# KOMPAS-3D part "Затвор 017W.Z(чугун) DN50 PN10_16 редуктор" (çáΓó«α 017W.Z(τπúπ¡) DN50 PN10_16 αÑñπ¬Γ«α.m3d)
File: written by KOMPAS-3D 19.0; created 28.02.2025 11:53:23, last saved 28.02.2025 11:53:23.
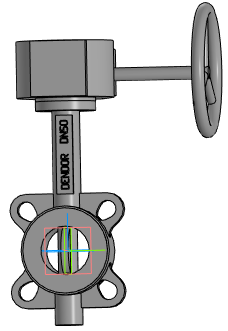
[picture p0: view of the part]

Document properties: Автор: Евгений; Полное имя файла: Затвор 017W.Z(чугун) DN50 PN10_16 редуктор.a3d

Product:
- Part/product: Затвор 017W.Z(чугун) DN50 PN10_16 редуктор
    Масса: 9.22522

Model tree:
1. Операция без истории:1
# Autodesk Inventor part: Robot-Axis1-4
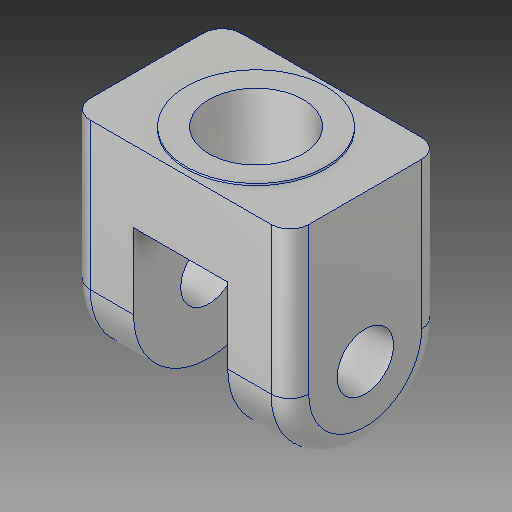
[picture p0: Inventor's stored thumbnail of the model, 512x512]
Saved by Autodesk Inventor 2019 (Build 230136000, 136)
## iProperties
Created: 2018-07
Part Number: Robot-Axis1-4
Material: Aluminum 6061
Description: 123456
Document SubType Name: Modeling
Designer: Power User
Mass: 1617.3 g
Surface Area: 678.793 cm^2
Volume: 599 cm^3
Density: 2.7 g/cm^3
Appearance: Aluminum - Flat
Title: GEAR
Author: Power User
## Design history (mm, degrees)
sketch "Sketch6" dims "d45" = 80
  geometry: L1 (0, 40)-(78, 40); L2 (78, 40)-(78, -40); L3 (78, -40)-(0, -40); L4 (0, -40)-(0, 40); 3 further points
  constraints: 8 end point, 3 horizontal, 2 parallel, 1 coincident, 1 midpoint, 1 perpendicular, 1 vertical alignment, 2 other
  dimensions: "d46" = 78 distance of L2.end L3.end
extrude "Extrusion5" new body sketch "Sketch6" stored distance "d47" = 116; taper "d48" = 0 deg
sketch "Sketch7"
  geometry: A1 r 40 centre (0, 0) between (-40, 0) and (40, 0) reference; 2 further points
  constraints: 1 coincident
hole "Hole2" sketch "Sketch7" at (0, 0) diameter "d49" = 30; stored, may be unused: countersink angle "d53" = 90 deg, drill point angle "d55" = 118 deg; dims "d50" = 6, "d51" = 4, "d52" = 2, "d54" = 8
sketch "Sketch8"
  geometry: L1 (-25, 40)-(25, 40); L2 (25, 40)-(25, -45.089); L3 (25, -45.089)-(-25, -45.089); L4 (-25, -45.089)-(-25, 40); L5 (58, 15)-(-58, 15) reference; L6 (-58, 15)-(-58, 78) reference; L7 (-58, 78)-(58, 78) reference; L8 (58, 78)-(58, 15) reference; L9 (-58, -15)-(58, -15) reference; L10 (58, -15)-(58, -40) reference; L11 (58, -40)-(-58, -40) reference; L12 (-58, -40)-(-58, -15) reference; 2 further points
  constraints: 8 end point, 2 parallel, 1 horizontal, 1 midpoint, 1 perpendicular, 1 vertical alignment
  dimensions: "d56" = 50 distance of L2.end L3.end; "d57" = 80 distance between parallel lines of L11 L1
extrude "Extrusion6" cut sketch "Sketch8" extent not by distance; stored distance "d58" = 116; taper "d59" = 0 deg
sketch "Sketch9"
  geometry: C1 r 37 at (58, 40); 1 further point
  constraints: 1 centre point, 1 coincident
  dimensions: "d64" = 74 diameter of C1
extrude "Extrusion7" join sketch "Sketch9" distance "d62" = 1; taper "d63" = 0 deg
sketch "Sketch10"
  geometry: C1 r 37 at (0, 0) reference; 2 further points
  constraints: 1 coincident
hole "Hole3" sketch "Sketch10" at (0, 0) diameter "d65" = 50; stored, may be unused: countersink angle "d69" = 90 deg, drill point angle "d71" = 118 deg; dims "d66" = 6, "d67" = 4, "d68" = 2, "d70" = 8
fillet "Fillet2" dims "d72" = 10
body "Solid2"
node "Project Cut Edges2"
#####
## [Requirement]
Apart from the pictures, the material above has to be repeated exactly.

## [Solution below]
# KOMPAS-3D part "Затвор 017W.Z(чугун) DN50 PN10_16 редуктор" (çáΓó«α 017W.Z(τπúπ¡) DN50 PN10_16 αÑñπ¬Γ«α.m3d)
File: written by KOMPAS-3D 19.0; created 28.02.2025 11:53:23, last saved 28.02.2025 11:53:23.
[picture p0: view of the part]

Document properties: Автор: Евгений; Полное имя файла: Затвор 017W.Z(чугун) DN50 PN10_16 редуктор.a3d

Product:
- Part/product: Затвор 017W.Z(чугун) DN50 PN10_16 редуктор
    Масса: 9.22522

Model tree:
1. Операция без истории:1
# Autodesk Inventor part: Robot-Axis1-4
[picture p0: Inventor's stored thumbnail of the model, 512x512]
Saved by Autodesk Inventor 2019 (Build 230136000, 136)
## iProperties
Created: 2018-07
Part Number: Robot-Axis1-4
Material: Aluminum 6061
Description: 123456
Document SubType Name: Modeling
Designer: Power User
Mass: 1617.3 g
Surface Area: 678.793 cm^2
Volume: 599 cm^3
Density: 2.7 g/cm^3
Appearance: Aluminum - Flat
Title: GEAR
Author: Power User
## Design history (mm, degrees)
sketch "Sketch6" dims "d45" = 80
  geometry: L1 (0, 40)-(78, 40); L2 (78, 40)-(78, -40); L3 (78, -40)-(0, -40); L4 (0, -40)-(0, 40); 3 further points
  constraints: 8 end point, 3 horizontal, 2 parallel, 1 coincident, 1 midpoint, 1 perpendicular, 1 vertical alignment, 2 other
  dimensions: "d46" = 78 distance of L2.end L3.end
extrude "Extrusion5" new body sketch "Sketch6" stored distance "d47" = 116; taper "d48" = 0 deg
sketch "Sketch7"
  geometry: A1 r 40 centre (0, 0) between (-40, 0) and (40, 0) reference; 2 further points
  constraints: 1 coincident
hole "Hole2" sketch "Sketch7" at (0, 0) diameter "d49" = 30; stored, may be unused: countersink angle "d53" = 90 deg, drill point angle "d55" = 118 deg; dims "d50" = 6, "d51" = 4, "d52" = 2, "d54" = 8
sketch "Sketch8"
  geometry: L1 (-25, 40)-(25, 40); L2 (25, 40)-(25, -45.089); L3 (25, -45.089)-(-25, -45.089); L4 (-25, -45.089)-(-25, 40); L5 (58, 15)-(-58, 15) reference; L6 (-58, 15)-(-58, 78) reference; L7 (-58, 78)-(58, 78) reference; L8 (58, 78)-(58, 15) reference; L9 (-58, -15)-(58, -15) reference; L10 (58, -15)-(58, -40) reference; L11 (58, -40)-(-58, -40) reference; L12 (-58, -40)-(-58, -15) reference; 2 further points
  constraints: 8 end point, 2 parallel, 1 horizontal, 1 midpoint, 1 perpendicular, 1 vertical alignment
  dimensions: "d56" = 50 distance of L2.end L3.end; "d57" = 80 distance between parallel lines of L11 L1
extrude "Extrusion6" cut sketch "Sketch8" extent not by distance; stored distance "d58" = 116; taper "d59" = 0 deg
sketch "Sketch9"
  geometry: C1 r 37 at (58, 40); 1 further point
  constraints: 1 centre point, 1 coincident
  dimensions: "d64" = 74 diameter of C1
extrude "Extrusion7" join sketch "Sketch9" distance "d62" = 1; taper "d63" = 0 deg
sketch "Sketch10"
  geometry: C1 r 37 at (0, 0) reference; 2 further points
  constraints: 1 coincident
hole "Hole3" sketch "Sketch10" at (0, 0) diameter "d65" = 50; stored, may be unused: countersink angle "d69" = 90 deg, drill point angle "d71" = 118 deg; dims "d66" = 6, "d67" = 4, "d68" = 2, "d70" = 8
fillet "Fillet2" dims "d72" = 10
body "Solid2"
node "Project Cut Edges2"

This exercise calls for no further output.